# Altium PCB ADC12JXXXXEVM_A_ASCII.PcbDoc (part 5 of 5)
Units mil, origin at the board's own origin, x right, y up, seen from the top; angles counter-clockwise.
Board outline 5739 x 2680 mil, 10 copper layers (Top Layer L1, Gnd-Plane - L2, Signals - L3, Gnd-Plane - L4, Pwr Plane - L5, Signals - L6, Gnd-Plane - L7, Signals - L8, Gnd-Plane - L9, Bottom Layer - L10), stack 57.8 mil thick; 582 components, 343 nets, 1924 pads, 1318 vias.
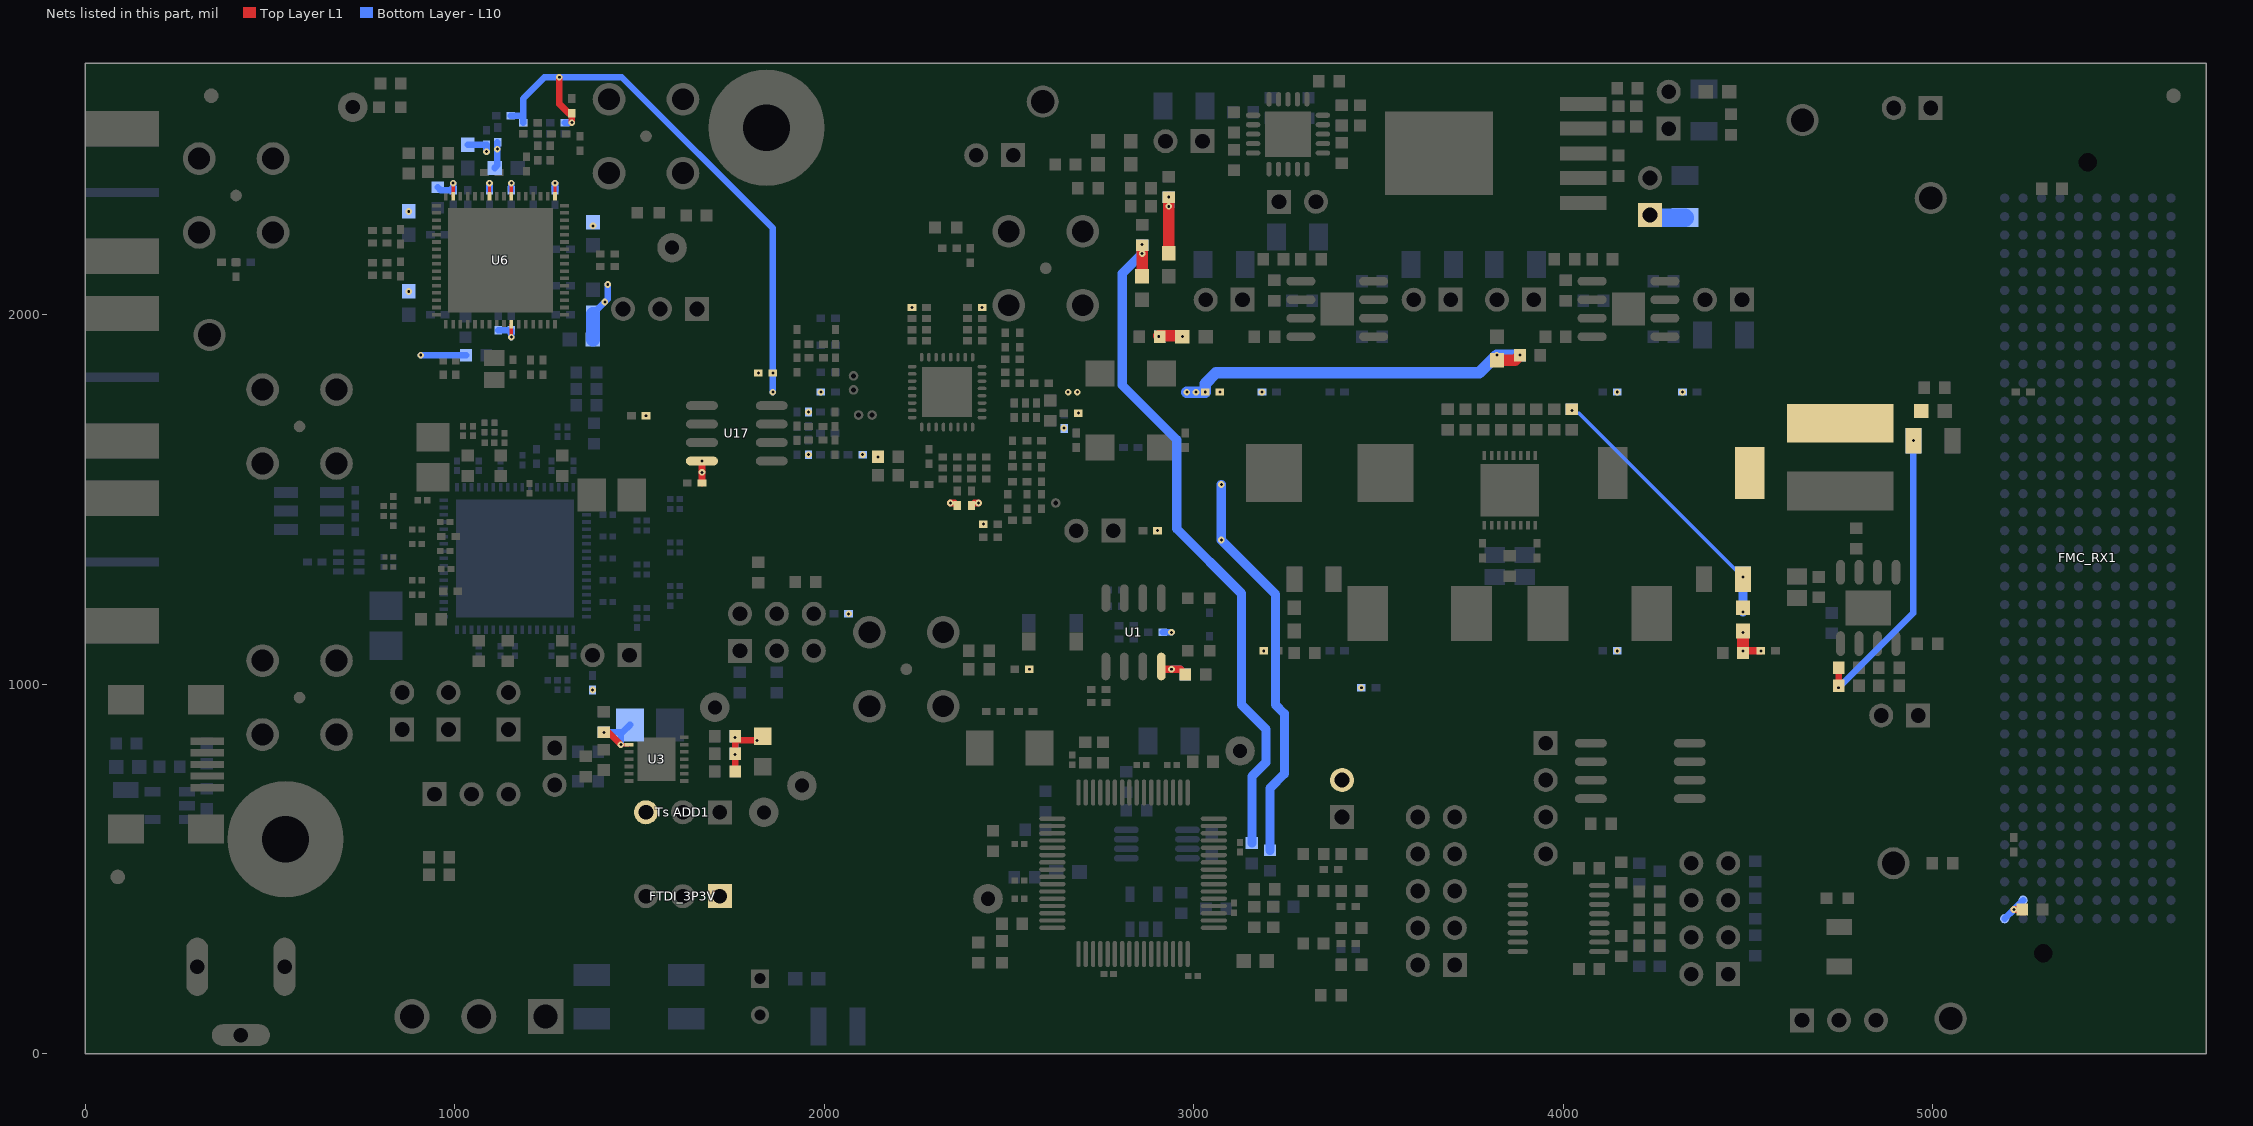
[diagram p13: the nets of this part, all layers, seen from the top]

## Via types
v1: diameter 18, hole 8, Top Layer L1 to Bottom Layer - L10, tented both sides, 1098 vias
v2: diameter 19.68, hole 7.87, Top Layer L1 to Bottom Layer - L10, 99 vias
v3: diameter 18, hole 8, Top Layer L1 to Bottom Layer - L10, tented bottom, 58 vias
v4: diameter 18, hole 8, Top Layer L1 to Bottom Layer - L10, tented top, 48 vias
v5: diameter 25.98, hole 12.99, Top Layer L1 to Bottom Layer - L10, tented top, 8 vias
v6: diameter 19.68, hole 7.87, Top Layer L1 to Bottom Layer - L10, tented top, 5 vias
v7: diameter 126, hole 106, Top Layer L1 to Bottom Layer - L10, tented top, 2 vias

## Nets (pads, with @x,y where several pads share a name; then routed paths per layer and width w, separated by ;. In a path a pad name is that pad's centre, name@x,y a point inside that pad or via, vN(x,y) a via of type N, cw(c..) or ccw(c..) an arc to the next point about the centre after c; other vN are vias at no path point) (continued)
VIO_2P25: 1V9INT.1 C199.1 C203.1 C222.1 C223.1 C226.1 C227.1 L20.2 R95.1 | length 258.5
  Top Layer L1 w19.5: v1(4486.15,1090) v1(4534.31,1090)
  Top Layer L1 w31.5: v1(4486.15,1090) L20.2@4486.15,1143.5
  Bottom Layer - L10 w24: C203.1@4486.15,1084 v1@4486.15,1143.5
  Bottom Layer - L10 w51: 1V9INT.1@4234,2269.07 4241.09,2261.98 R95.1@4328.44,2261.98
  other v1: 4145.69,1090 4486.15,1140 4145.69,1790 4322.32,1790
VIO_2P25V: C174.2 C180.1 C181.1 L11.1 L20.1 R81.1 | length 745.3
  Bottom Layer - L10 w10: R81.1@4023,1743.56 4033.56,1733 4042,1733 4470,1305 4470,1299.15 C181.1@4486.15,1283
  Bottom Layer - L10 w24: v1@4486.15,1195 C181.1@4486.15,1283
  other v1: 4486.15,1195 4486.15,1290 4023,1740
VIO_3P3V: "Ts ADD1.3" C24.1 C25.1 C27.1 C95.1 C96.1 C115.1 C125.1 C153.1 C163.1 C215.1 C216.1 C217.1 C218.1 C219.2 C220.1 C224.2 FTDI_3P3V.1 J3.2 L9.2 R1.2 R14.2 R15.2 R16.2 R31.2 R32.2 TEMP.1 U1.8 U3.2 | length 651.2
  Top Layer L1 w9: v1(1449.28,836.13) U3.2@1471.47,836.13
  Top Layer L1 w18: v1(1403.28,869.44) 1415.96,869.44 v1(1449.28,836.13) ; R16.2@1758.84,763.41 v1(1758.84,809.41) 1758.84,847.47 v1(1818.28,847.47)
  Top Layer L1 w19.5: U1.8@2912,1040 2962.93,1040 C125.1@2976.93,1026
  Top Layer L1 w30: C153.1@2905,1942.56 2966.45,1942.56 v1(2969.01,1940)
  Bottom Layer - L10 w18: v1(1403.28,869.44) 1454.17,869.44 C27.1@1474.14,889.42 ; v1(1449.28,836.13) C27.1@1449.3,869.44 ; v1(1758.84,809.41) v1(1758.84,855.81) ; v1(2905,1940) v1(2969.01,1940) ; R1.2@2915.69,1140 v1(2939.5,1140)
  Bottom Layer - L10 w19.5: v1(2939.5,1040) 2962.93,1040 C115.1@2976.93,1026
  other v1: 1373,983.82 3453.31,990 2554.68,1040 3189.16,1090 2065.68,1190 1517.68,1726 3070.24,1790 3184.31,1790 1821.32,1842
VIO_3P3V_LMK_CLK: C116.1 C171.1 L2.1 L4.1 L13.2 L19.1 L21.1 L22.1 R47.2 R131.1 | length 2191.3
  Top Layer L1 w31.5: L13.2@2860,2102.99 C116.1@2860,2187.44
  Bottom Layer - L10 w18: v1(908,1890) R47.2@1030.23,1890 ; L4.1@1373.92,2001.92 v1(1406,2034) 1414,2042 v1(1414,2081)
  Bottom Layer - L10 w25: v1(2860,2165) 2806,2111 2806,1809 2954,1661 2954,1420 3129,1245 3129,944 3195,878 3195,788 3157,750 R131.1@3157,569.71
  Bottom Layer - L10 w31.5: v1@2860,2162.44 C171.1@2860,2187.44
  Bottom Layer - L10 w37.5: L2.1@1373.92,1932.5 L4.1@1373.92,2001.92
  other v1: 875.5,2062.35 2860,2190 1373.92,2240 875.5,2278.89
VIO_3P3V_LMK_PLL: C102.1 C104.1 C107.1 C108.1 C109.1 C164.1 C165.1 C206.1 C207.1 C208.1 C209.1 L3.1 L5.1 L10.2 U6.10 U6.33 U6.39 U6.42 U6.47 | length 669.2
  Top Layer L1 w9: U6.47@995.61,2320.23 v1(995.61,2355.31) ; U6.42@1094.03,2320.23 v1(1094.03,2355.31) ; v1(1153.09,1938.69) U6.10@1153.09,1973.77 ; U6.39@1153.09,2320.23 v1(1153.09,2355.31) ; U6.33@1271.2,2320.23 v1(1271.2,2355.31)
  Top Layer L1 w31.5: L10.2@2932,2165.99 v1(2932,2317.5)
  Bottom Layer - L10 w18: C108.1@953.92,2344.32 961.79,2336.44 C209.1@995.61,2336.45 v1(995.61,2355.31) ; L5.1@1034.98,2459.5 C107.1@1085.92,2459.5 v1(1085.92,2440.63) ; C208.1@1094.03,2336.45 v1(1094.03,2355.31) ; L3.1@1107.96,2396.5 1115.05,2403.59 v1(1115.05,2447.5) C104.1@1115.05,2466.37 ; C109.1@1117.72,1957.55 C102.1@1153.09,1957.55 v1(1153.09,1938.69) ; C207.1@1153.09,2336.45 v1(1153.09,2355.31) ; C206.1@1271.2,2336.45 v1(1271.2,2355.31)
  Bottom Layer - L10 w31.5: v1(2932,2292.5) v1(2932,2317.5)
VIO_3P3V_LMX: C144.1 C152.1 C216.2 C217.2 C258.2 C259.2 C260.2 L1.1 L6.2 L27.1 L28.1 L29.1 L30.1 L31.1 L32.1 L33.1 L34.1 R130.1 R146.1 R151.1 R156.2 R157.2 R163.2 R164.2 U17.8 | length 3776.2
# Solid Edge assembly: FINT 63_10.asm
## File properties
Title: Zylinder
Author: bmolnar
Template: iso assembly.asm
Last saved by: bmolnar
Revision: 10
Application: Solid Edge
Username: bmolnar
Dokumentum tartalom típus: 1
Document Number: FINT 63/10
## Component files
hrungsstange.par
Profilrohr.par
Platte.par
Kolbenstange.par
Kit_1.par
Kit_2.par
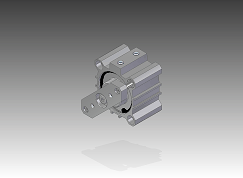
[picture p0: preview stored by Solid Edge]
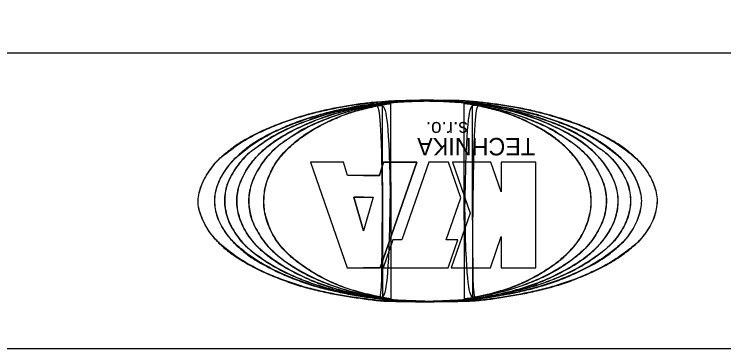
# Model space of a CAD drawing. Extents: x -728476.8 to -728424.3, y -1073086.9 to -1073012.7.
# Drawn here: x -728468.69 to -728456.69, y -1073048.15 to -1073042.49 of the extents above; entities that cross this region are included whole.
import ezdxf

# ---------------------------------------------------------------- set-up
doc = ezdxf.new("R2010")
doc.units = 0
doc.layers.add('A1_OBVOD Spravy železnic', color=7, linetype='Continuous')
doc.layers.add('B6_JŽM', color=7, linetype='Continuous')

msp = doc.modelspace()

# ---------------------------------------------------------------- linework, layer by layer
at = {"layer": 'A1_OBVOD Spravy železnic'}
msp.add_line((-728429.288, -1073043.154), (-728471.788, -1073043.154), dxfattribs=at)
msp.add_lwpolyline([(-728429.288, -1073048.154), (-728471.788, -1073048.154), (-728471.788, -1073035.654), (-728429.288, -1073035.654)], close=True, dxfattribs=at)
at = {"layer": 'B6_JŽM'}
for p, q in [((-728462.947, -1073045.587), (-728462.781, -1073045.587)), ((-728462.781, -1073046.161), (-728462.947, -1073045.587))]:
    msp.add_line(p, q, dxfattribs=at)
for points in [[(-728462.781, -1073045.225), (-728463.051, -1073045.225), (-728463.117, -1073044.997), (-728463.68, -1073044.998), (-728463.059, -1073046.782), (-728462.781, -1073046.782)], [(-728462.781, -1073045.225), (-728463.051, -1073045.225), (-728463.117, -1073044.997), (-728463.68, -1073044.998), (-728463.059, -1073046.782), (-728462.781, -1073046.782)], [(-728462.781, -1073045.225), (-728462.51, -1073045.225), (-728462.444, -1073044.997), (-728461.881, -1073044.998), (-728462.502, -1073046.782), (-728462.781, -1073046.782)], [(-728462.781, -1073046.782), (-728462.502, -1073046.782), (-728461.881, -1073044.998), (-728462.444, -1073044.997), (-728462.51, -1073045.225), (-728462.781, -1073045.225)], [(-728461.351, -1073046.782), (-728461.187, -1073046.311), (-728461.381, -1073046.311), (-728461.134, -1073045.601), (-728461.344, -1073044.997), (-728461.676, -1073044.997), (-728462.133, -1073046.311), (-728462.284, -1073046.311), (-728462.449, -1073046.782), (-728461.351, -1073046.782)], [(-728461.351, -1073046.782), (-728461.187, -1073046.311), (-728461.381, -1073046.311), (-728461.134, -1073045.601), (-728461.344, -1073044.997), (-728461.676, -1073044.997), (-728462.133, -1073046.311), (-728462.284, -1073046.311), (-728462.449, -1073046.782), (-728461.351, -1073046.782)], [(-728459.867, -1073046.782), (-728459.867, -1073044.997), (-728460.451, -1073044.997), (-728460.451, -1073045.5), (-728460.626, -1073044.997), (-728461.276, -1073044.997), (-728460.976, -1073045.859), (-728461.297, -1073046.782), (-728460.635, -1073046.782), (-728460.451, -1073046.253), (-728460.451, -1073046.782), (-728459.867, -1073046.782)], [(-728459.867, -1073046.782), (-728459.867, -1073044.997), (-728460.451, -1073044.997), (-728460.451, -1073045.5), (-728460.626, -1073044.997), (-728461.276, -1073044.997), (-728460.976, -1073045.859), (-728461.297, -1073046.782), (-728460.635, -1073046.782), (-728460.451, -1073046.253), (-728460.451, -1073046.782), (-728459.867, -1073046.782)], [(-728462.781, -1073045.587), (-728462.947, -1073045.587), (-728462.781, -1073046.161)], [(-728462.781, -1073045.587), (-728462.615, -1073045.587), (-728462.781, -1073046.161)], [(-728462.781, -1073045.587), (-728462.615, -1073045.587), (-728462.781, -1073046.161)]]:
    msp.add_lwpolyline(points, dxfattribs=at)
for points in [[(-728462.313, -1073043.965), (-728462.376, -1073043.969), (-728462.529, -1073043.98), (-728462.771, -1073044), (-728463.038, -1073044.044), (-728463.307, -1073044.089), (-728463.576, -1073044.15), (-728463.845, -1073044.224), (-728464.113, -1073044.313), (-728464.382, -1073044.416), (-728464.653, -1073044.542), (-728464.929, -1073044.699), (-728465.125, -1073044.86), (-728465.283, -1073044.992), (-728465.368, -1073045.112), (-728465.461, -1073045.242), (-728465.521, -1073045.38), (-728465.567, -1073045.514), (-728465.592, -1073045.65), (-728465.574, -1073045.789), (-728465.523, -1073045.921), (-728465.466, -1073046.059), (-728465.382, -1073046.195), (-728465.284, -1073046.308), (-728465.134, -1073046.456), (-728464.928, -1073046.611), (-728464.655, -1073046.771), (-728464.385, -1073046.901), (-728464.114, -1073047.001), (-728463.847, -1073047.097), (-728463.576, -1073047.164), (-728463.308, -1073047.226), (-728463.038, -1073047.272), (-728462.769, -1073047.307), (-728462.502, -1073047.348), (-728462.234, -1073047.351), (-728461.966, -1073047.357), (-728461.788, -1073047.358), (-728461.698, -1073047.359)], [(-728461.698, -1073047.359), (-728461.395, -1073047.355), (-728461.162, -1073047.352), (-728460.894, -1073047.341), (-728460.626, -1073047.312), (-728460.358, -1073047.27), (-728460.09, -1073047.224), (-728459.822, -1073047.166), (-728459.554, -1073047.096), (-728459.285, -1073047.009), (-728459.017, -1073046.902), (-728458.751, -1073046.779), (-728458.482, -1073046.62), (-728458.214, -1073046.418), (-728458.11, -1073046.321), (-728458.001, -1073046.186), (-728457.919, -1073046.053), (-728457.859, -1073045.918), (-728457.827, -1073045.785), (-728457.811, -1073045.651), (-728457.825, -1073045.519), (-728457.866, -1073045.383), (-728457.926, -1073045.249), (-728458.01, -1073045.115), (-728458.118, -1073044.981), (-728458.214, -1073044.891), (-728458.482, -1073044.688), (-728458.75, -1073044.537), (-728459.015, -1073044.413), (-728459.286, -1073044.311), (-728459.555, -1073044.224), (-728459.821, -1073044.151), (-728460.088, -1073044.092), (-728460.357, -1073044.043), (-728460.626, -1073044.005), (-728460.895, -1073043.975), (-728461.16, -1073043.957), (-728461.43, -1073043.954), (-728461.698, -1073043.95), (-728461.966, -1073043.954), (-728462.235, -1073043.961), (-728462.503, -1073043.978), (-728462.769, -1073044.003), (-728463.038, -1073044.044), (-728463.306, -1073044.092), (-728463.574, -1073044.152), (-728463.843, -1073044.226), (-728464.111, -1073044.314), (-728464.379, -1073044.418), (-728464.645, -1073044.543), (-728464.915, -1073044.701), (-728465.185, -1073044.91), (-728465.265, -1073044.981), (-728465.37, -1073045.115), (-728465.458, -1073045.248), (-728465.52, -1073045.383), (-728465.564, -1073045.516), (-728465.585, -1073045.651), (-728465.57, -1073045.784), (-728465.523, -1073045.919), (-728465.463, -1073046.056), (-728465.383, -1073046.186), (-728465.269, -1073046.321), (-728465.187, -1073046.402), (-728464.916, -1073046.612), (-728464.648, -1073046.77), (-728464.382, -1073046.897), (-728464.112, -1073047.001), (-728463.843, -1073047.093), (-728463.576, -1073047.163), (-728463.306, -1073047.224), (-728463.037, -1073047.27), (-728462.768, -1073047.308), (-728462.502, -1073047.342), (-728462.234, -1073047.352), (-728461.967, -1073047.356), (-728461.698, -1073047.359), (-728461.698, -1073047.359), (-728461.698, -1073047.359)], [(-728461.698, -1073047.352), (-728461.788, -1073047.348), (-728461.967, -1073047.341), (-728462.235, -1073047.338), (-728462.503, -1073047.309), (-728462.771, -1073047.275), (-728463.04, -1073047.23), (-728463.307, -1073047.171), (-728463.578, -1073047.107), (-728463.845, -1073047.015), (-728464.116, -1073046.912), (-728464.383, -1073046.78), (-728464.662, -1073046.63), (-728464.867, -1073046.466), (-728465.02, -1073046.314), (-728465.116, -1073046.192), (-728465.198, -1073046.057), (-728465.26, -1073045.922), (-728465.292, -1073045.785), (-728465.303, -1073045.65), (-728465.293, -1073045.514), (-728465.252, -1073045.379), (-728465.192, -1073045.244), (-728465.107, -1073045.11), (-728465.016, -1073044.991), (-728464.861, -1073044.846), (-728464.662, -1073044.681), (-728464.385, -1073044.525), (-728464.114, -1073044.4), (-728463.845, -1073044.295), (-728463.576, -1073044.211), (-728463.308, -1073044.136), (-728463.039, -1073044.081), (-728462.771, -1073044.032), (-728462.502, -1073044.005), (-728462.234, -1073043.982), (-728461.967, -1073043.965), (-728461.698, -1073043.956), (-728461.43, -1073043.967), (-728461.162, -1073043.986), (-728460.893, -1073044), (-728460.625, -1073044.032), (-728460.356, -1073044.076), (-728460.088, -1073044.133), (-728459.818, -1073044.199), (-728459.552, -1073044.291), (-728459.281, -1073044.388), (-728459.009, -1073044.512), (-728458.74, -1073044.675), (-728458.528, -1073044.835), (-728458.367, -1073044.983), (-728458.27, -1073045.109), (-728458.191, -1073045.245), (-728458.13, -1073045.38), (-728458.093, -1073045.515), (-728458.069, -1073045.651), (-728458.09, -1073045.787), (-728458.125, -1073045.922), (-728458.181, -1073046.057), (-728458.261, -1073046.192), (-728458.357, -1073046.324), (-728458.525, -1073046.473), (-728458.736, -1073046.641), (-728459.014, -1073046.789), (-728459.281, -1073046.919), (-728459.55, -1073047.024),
# # # # # # #
Requirement :: Extract from the records above the lines from the one containing "v1: diameter 18, hole" to the one containing "U3.2 | length 651.2", both lines included, exactly as they appear and with nothing else.

Answer section ::
v1: diameter 18, hole 8, Top Layer L1 to Bottom Layer - L10, tented both sides, 1098 vias
v2: diameter 19.68, hole 7.87, Top Layer L1 to Bottom Layer - L10, 99 vias
v3: diameter 18, hole 8, Top Layer L1 to Bottom Layer - L10, tented bottom, 58 vias
v4: diameter 18, hole 8, Top Layer L1 to Bottom Layer - L10, tented top, 48 vias
v5: diameter 25.98, hole 12.99, Top Layer L1 to Bottom Layer - L10, tented top, 8 vias
v6: diameter 19.68, hole 7.87, Top Layer L1 to Bottom Layer - L10, tented top, 5 vias
v7: diameter 126, hole 106, Top Layer L1 to Bottom Layer - L10, tented top, 2 vias

## Nets (pads, with @x,y where several pads share a name; then routed paths per layer and width w, separated by ;. In a path a pad name is that pad's centre, name@x,y a point inside that pad or via, vN(x,y) a via of type N, cw(c..) or ccw(c..) an arc to the next point about the centre after c; other vN are vias at no path point) (continued)
VIO_2P25: 1V9INT.1 C199.1 C203.1 C222.1 C223.1 C226.1 C227.1 L20.2 R95.1 | length 258.5
  Top Layer L1 w19.5: v1(4486.15,1090) v1(4534.31,1090)
  Top Layer L1 w31.5: v1(4486.15,1090) L20.2@4486.15,1143.5
  Bottom Layer - L10 w24: C203.1@4486.15,1084 v1@4486.15,1143.5
  Bottom Layer - L10 w51: 1V9INT.1@4234,2269.07 4241.09,2261.98 R95.1@4328.44,2261.98
  other v1: 4145.69,1090 4486.15,1140 4145.69,1790 4322.32,1790
VIO_2P25V: C174.2 C180.1 C181.1 L11.1 L20.1 R81.1 | length 745.3
  Bottom Layer - L10 w10: R81.1@4023,1743.56 4033.56,1733 4042,1733 4470,1305 4470,1299.15 C181.1@4486.15,1283
  Bottom Layer - L10 w24: v1@4486.15,1195 C181.1@4486.15,1283
  other v1: 4486.15,1195 4486.15,1290 4023,1740
VIO_3P3V: "Ts ADD1.3" C24.1 C25.1 C27.1 C95.1 C96.1 C115.1 C125.1 C153.1 C163.1 C215.1 C216.1 C217.1 C218.1 C219.2 C220.1 C224.2 FTDI_3P3V.1 J3.2 L9.2 R1.2 R14.2 R15.2 R16.2 R31.2 R32.2 TEMP.1 U1.8 U3.2 | length 651.2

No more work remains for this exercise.